I received notification from my bank of a credit card transaction from "@Freemax" for R350.

Since I hadn't used my card at all for a while, I immediately contacted FNB. Kudos to them in the way that they handled it. They cancelled my card while we were on the phone and within a week I had received a new card. Within two days the amount of R350 had been reversed.

It's really strange though. I've never had anything to do with Freemax; never bought any of their mods etc.

It's also strange that it was for such a small amount. Surely if a person is going to put through a fraudulent transaction they would put through a larger amount? Or was that just a test to see if I would notice it?

Another strange thing is why would the @ sign be in front of Freemax?

EDIT: After I had posted this, I noticed that "@FreeMax" was in blue - meaning that they are on the forum. @FreeMax I doubt that you had anything to do with this though, but perhaps you would like to respond?

Reactions: Like 1 | Informative 3


----------



## OnePowerfulCorsa (29/3/21)

Strange one hey. Have you every provided your credit card details to Freemax? If not, then I doubt they had anything to do with it. Possible that your card was breached and someone shopped online. FNB would need to investigate with the vendor. I had my card breached recently and the purchase was for online education in the US. 

Have you used your credit card at a Vapeshop recently?


----------



## Hooked (29/3/21)

OnePowerfulCorsa said:


> Strange one hey. Have you every provided your credit card details to Freemax? If not, then I doubt they had anything to do with it. Possible that your card was breached and someone shopped online. FNB would need to investigate with the vendor. I had my card breached recently and the purchase was for online education in the US.
> 
> Have you used your credit card at a Vapeshop recently?

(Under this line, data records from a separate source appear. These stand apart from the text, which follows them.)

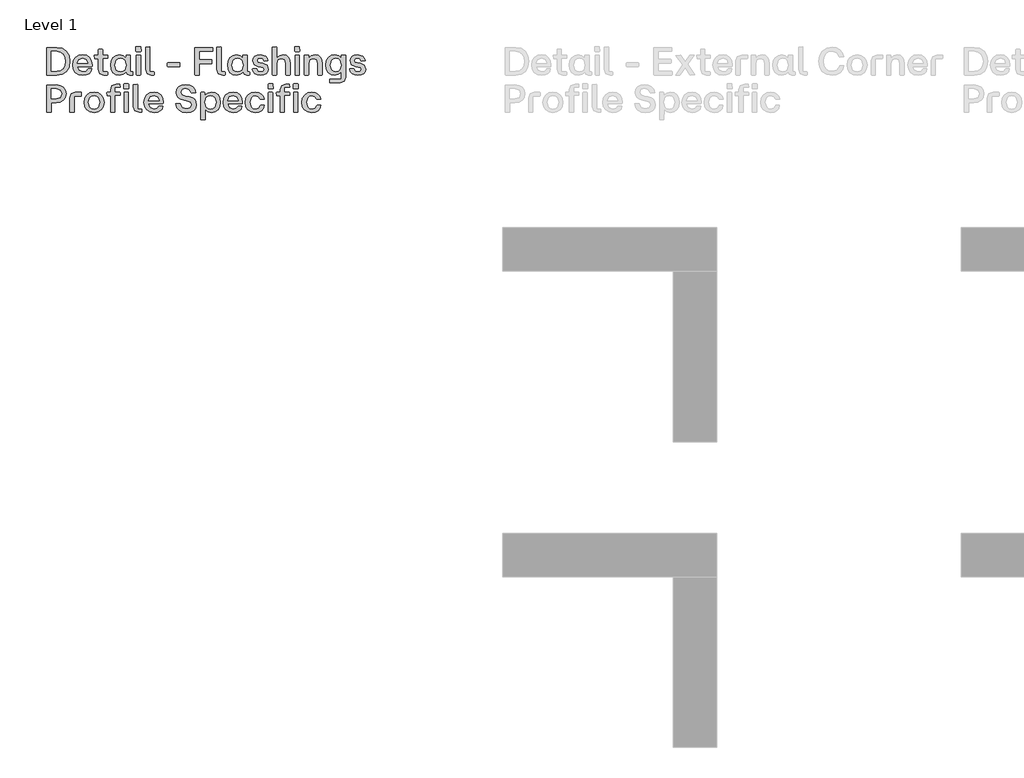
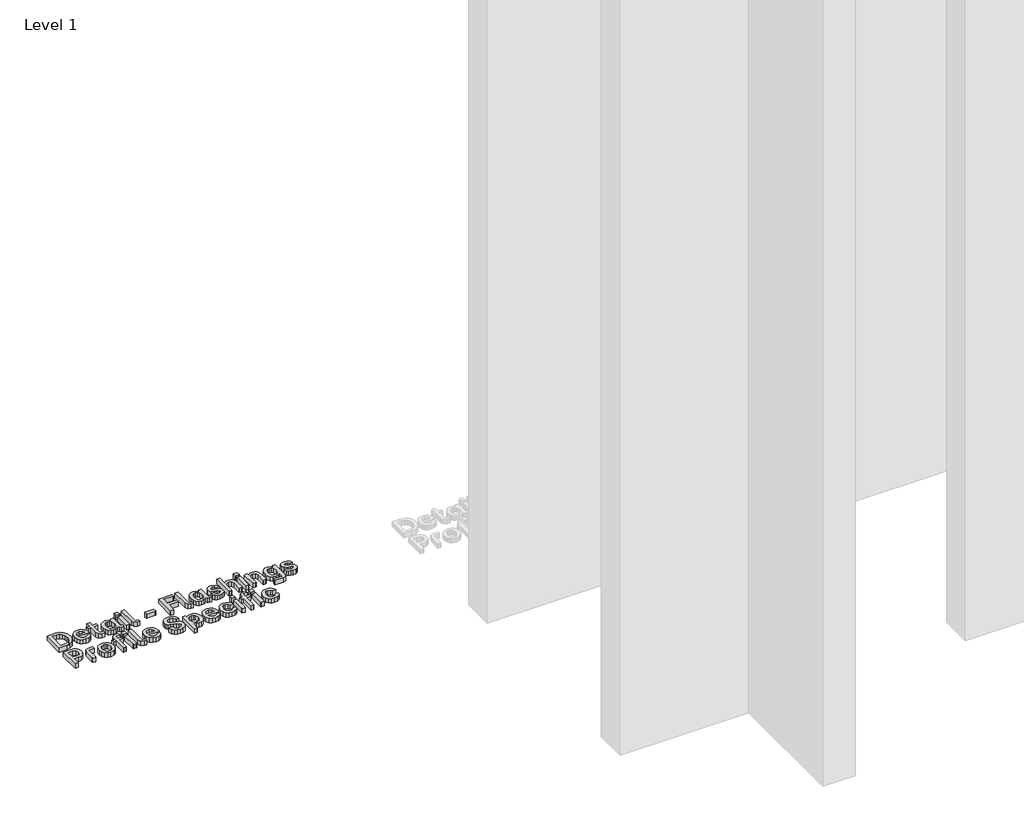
# One storey, part 56 of 64: 1 proxy.
"""IFC4 building model written with IfcOpenShell, lengths in millimetres."""

import ifcopenshell
import ifcopenshell.guid

model = None  # the IFC model being written
_history = None  # IfcOwnerHistory: only IFC2X3 demands one
_inside = {}  # id of a spatial element -> (the spatial element, [elements in it])
_under = {}  # id of a project, library or spatial element -> (it, [spatial elements below it])
_declared = {}  # id of a project -> (the project, [libraries it declares])
_typed = {}  # id of a type object -> (the type object, [elements of that type])
_made_of = {}  # id of a material, layer set ... -> (it, [elements and type objects made of it])


def new_model(schema):
    """Start an empty IFC model of exactly this schema.

    Asked for "IFC4X3", IfcOpenShell would pick the latest addendum, in which some entities
    have other attributes; the version numbers below select the first issue.
    IFC2X3 requires an IfcOwnerHistory on every rooted entity: one is made here for all.
    """
    global model, _history
    if schema == "IFC4X3":
        model = ifcopenshell.file(schema_version=(4, 3, 0, 0))
    else:
        model = ifcopenshell.file(schema=schema)
    _inside.clear()
    _under.clear()
    _declared.clear()
    _typed.clear()
    _made_of.clear()
    _history = None
    if model.schema == "IFC2X3":
        org = make("IfcOrganization", Name="unknown")
        user = make(
            "IfcPersonAndOrganization",
            ThePerson=make("IfcPerson", FamilyName="unknown"),
            TheOrganization=org,
        )
        app = make(
            "IfcApplication",
            ApplicationDeveloper=org,
            Version="unknown",
            ApplicationFullName="unknown",
            ApplicationIdentifier="unknown",
        )
        _history = make(
            "IfcOwnerHistory",
            OwningUser=user,
            OwningApplication=app,
            ChangeAction="ADDED",
            CreationDate=0,
        )
    return model


def make(cls, **values):
    """One entity of the class cls with the attributes given. An attribute that is None is left unset."""
    return model.create_entity(
        cls, **{name: value for name, value in values.items() if value is not None}
    )


def rooted(cls, **values):
    """An entity with a GlobalId (a new one), such as an element, a storey or a relation."""
    return make(cls, GlobalId=ifcopenshell.guid.new(), OwnerHistory=_history, **values)


def si_unit(unit_type, name, prefix=None):
    """IfcSIUnit, for example si_unit("LENGTHUNIT", "METRE", prefix="MILLI")."""
    return make("IfcSIUnit", UnitType=unit_type, Prefix=prefix, Name=name)


def assignment(units):
    """IfcUnitAssignment: the units of a project."""
    return None if units is None else make("IfcUnitAssignment", Units=units)


def point(xyz):
    """IfcCartesianPoint."""
    return None if xyz is None else make("IfcCartesianPoint", Coordinates=xyz)


def direction(xyz):
    """IfcDirection."""
    return None if xyz is None else make("IfcDirection", DirectionRatios=xyz)


def frame(location, z_axis=None, x_axis=None):
    """IfcAxis2Placement3D, a coordinate frame: its origin and axes. An axis left out is left unset."""
    return make(
        "IfcAxis2Placement3D",
        Location=point(location),
        Axis=direction(z_axis),
        RefDirection=direction(x_axis),
    )


def origin():
    """The frame at (0, 0, 0) with its axes left unset."""
    return frame((0.0, 0.0, 0.0))


def origin_with_axes():
    """The frame at (0, 0, 0) with the z axis (0, 0, 1) and the x axis (1, 0, 0) written out."""
    return frame((0.0, 0.0, 0.0), z_axis=(0.0, 0.0, 1.0), x_axis=(1.0, 0.0, 0.0))


def place(relative_to, where):
    """IfcLocalPlacement: puts the frame where relative to a parent placement (None: the world)."""
    return make(
        "IfcLocalPlacement", PlacementRelTo=relative_to, RelativePlacement=where
    )


def context(
    kind, dimensions, precision=None, world=None, true_north=None, identifier=None
):
    """IfcGeometricRepresentationContext, for example the 3D "Model" context."""
    return make(
        "IfcGeometricRepresentationContext",
        ContextIdentifier=identifier,
        ContextType=kind,
        CoordinateSpaceDimension=dimensions,
        Precision=precision,
        WorldCoordinateSystem=world,
        TrueNorth=true_north,
    )


def project(units=None, contexts=None):
    """IfcProject with its units and contexts."""
    return rooted(
        "IfcProject",
        Name="project",
        RepresentationContexts=contexts,
        UnitsInContext=assignment(units),
    )


def spatial(cls, under=None, at=None, **own):
    """A site, building, storey or space (cls), placed at a placement, below another one or the project."""
    s = rooted(cls, ObjectPlacement=at, **own)
    if under is not None:
        _under.setdefault(under.id(), (under, []))[1].append(s)
    return s


def polyline(points):
    """IfcPolyline through the points."""
    return make("IfcPolyline", Points=[point(p) for p in points])


def outline(outer, holes=None, kind="AREA"):
    """IfcArbitraryClosedProfileDef: a profile drawn as a closed curve; with holes, ...WithVoids."""
    if holes is None:
        return make("IfcArbitraryClosedProfileDef", ProfileType=kind, OuterCurve=outer)
    return make(
        "IfcArbitraryProfileDefWithVoids",
        ProfileType=kind,
        OuterCurve=outer,
        InnerCurves=holes,
    )


def extrude(swept, where, along, depth):
    """IfcExtrudedAreaSolid: the profile swept, set in the frame where, extruded along a direction by depth."""
    return make(
        "IfcExtrudedAreaSolid",
        SweptArea=swept,
        Position=where,
        ExtrudedDirection=direction(along),
        Depth=depth,
    )


def shape(context_of_items, identifier, shape_type, items):
    """IfcShapeRepresentation: the items that make up one representation, for example the "Body"."""
    return make(
        "IfcShapeRepresentation",
        ContextOfItems=context_of_items,
        RepresentationIdentifier=identifier,
        RepresentationType=shape_type,
        Items=items,
    )


def made_of(thing, what):
    """Note that an element or type object is made of a material, layer set ...; save() writes the relation."""
    if what is not None:
        _made_of.setdefault(what.id(), (what, []))[1].append(thing)
    return thing


def element(
    cls,
    number,
    at=None,
    inside=None,
    cuts=None,
    type_object=None,
    material=None,
    context=None,
    identifier="Body",
    shape_type=None,
    held_by="IfcProductDefinitionShape",
    body=None,
    shapes=None,
    **own,
):
    """One element of the class cls, such as IfcWall. Its Tag is "e" and its number.

    at: its placement. inside: the storey or other place that contains it. cuts: it is an
    opening in that element (IfcRelVoidsElement). A single representation is given by context,
    identifier, shape_type and body (its items); several are given by shapes. held_by: the class
    of the entity that holds the representations. save() writes the other relations.
    """
    e = rooted(cls, Tag="e%d" % number, ObjectPlacement=at, **own)
    if body is not None:
        shapes = [shape(context, identifier, shape_type, body)]
    if shapes is not None:
        e.Representation = make(held_by, Representations=shapes)
    if inside is not None:
        _inside.setdefault(inside.id(), (inside, []))[1].append(e)
    if cuts is not None:
        rooted(
            "IfcRelVoidsElement", RelatingBuildingElement=cuts, RelatedOpeningElement=e
        )
    if type_object is not None:
        _typed.setdefault(type_object.id(), (type_object, []))[1].append(e)
    return made_of(e, material)


def aggregate(whole, parts):
    """IfcRelAggregates: a whole, such as a stair, and the parts it consists of."""
    return rooted("IfcRelAggregates", RelatingObject=whole, RelatedObjects=parts)


def save(model, path):
    """Write the relations noted so far, then the file.

    IfcRelAggregates (storeys below a building ...), IfcRelContainedInSpatialStructure (elements
    in a storey), IfcRelDefinesByType, IfcRelAssociatesMaterial and IfcRelDeclares: one each for
    every whole, place, type object, material and project.
    """
    for whole, parts in _under.values():
        aggregate(whole, parts)
    for where, things in _inside.values():
        rooted(
            "IfcRelContainedInSpatialStructure",
            RelatedElements=things,
            RelatingStructure=where,
        )
    for kind, things in _typed.values():
        rooted("IfcRelDefinesByType", RelatedObjects=things, RelatingType=kind)
    for what, things in _made_of.values():
        rooted("IfcRelAssociatesMaterial", RelatedObjects=things, RelatingMaterial=what)
    for by, libraries in _declared.values():
        rooted("IfcRelDeclares", RelatingContext=by, RelatedDefinitions=libraries)
    model.write(path)


model = new_model("IFC4")

# Units and contexts
model_context = context("Model", 3, world=origin())
ifc_project = project(units=[si_unit("LENGTHUNIT", "METRE", prefix="MILLI")], contexts=[model_context])

# Site, building, storey
site = spatial("IfcSite", under=ifc_project)
building = spatial("IfcBuilding", under=site)
storey = spatial("IfcBuildingStorey", under=building, Name="Level 1", Elevation=0.0)

# Proxy
placement = place(None, origin())
element("IfcBuildingElementProxy", 1, Name="90mm", ObjectType="90mm", at=placement, inside=storey, context=model_context, shape_type="SweptSolid", body=[
    extrude(outline(polyline([(7610.2926176, 6000.0), (7608.9872124, 6001.2551973), (7608.9872124, 6088.6922388), (7642.5511873, 6089.997644), (7660.5475781, 6086.9945845), (7674.1193986, 6077.9854062), (7682.63905, 6063.6416394), (7685.4789338, 6044.6348148), (7682.648464, 6025.7974418), (7674.1570545, 6011.7109905), (7660.594648, 6002.9277476), (7642.5511873, 6000.0), (7610.2926176, 6000.0)]), holes=[polyline([(7623.7985402, 6012.6272845), (7641.6725492, 6012.6272845), (7653.8950326, 6014.688946), (7662.9481429, 6020.8739305), (7668.5494607, 6030.9374746), (7670.4165666, 6044.6348148), (7668.5431847, 6058.4890546), (7662.923039, 6068.8224661), (7653.8636527, 6075.2522141), (7641.6725492, 6077.3954634), (7623.7985402, 6077.3954634), (7623.7985402, 6012.6272845)])]), origin_with_axes(), (0.0, 0.0, 1.0), 20.0),
    extrude(outline(polyline([(7727.628458, 5999.2468816), (7714.0409476, 6001.5156507), (7703.5035666, 6008.3219579), (7696.7443293, 6018.9377888), (7694.4912502, 6032.6351289), (7696.7349153, 6046.4987827), (7703.4659107, 6057.2118914), (7713.9938777, 6064.0652685), (7727.628458, 6066.3497275), (7740.1584647, 6064.0966484), (7749.7324819, 6057.3374111), (7755.8044987, 6046.6870623), (7757.8285043, 6032.7606486), (7757.8285043, 6029.3214081), (7756.573307, 6027.990899), (7709.1268503, 6027.990899), (7714.6497183, 6015.3134066), (7727.628458, 6010.7946965), (7738.0465953, 6013.0917075), (7743.4439436, 6019.5308695), (7744.8246606, 6020.5852352), (7756.1967478, 6020.5852352), (7754.1633282, 6011.2685335), (7747.8120301, 6004.8074055), (7738.8248176, 6000.6370126), (7727.628458, 5999.2468816)]), holes=[polyline([(7709.2523701, 6038.4090363), (7743.8205028, 6038.4090363), (7739.0633051, 6050.3710663), (7727.628458, 6054.7266008), (7714.8631018, 6050.5844498), (7709.2523701, 6038.4090363)])]), origin_with_axes(), (0.0, 0.0, 1.0), 20.0),
    extrude(outline(polyline([(7796.6140998, 6000.0), (7782.731618, 6004.7697496), (7777.9618684, 6018.6522314), (7777.9618684, 6054.2245219), (7766.7906127, 6054.2245219), (7765.4852076, 6064.2661), (7766.7906127, 6065.5212973), (7777.9618684, 6065.5212973), (7777.9618684, 6083.54593), (7779.2170657, 6084.8513352), (7790.9657121, 6084.8513352), (7792.2209094, 6083.54593), (7792.2209094, 6065.5212973), (7808.0363949, 6065.5212973), (7809.3418001, 6064.2661), (7809.3418001, 6055.555031), (7792.2209094, 6054.2245219), (7792.2209094, 6011.2967754), (7808.0363949, 6011.2967754), (7809.3418001, 6010.0415781), (7809.3418001, 6001.2551973), (7808.0363949, 6000.0), (7796.6140998, 6000.0)])), origin_with_axes(), (0.0, 0.0, 1.0), 20.0),
    extrude(outline(polyline([(7847.2738615, 5999.2468816), (7835.3243835, 6001.5156507), (7826.0861316, 6008.3219579), (7820.1741525, 6018.9377888), (7818.2034928, 6032.6351289), (7820.1741525, 6046.4674028), (7826.0861316, 6057.1867875), (7835.3243835, 6064.0589925), (7847.2738615, 6066.3497275), (7859.1856835, 6063.4627738), (7868.160344, 6055.555031), (7868.7377347, 6064.2661), (7869.992932, 6065.5212973), (7881.6662665, 6065.5212973), (7882.9716717, 6064.2661), (7882.9716717, 6011.2967754), (7890.0760882, 6011.2967754), (7891.3312855, 6010.0415781), (7891.3312855, 6001.2551973), (7890.0760882, 6000.0), (7880.536589, 6000.0), (7872.1581473, 6002.3534949), (7869.3653333, 6009.4139795), (7859.7254183, 6002.1338354), (7847.2738615, 5999.2468816)]), holes=[polyline([(7832.7135732, 6032.6351289), (7837.6716024, 6016.6313638), (7843.5365116, 6012.2538633), (7851.2151809, 6010.7946965), (7858.7714684, 6012.2475873), (7864.470064, 6016.6062598), (7869.2398136, 6032.6351289), (7864.4324081, 6048.8271737), (7858.7243985, 6053.251744), (7851.2151809, 6054.7266008), (7843.5365116, 6053.251744), (7837.6716024, 6048.8271737), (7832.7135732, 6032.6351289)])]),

@OnePowerfulCorsa Nope, I've never had anything to do with Freemax, nor have I purchased from a vape shop recently with my credit card - only EFT.


----------



## Hooked (29/3/21)

Hooked said:


> @OnePowerfulCorsa Nope, I've never had anything to do with Freemax, nor have I purchased from a vape shop recently with my credit card - only EFT.



EDIT:
@OnePowerfulCorsa Just realised that I recently clicked on a Freemax press release. I'll give the link to the site and you'll see the press release there. I am not going to click on it again! Perhaps they gained access to my computer, on which I HAD my card number saved. I've now removed that file and emptied the Recycle Bin, but I believe that the Recycle Bin can still be accessed, even if it's empty. 

https://vaping360.com/vape-news/


----------



## Grand Guru (30/3/21)

One way of getting rid of any trace of that file @Hooked is by filling your recycle bin with large files with the hope that your computer will write on top of it. You can restore the files later before emptying your bin once more... basically the only way of getting rid of a file is by writing on top of it.

Reactions: Agree 1 | Informative 2 | Useful 1


----------



## Hooked (30/3/21)

Grand Guru said:


> One way of getting rid of any trace of that file @Hooked is by filling your recycle bin with large files with the hope that your computer will write on top of it. You can restore the files later before emptying your bin once more... basically the only way of getting rid of a file is by writing on top of it.



Interesting and useful tip, thanks @Grand Guru!

Reactions: Like 2


----------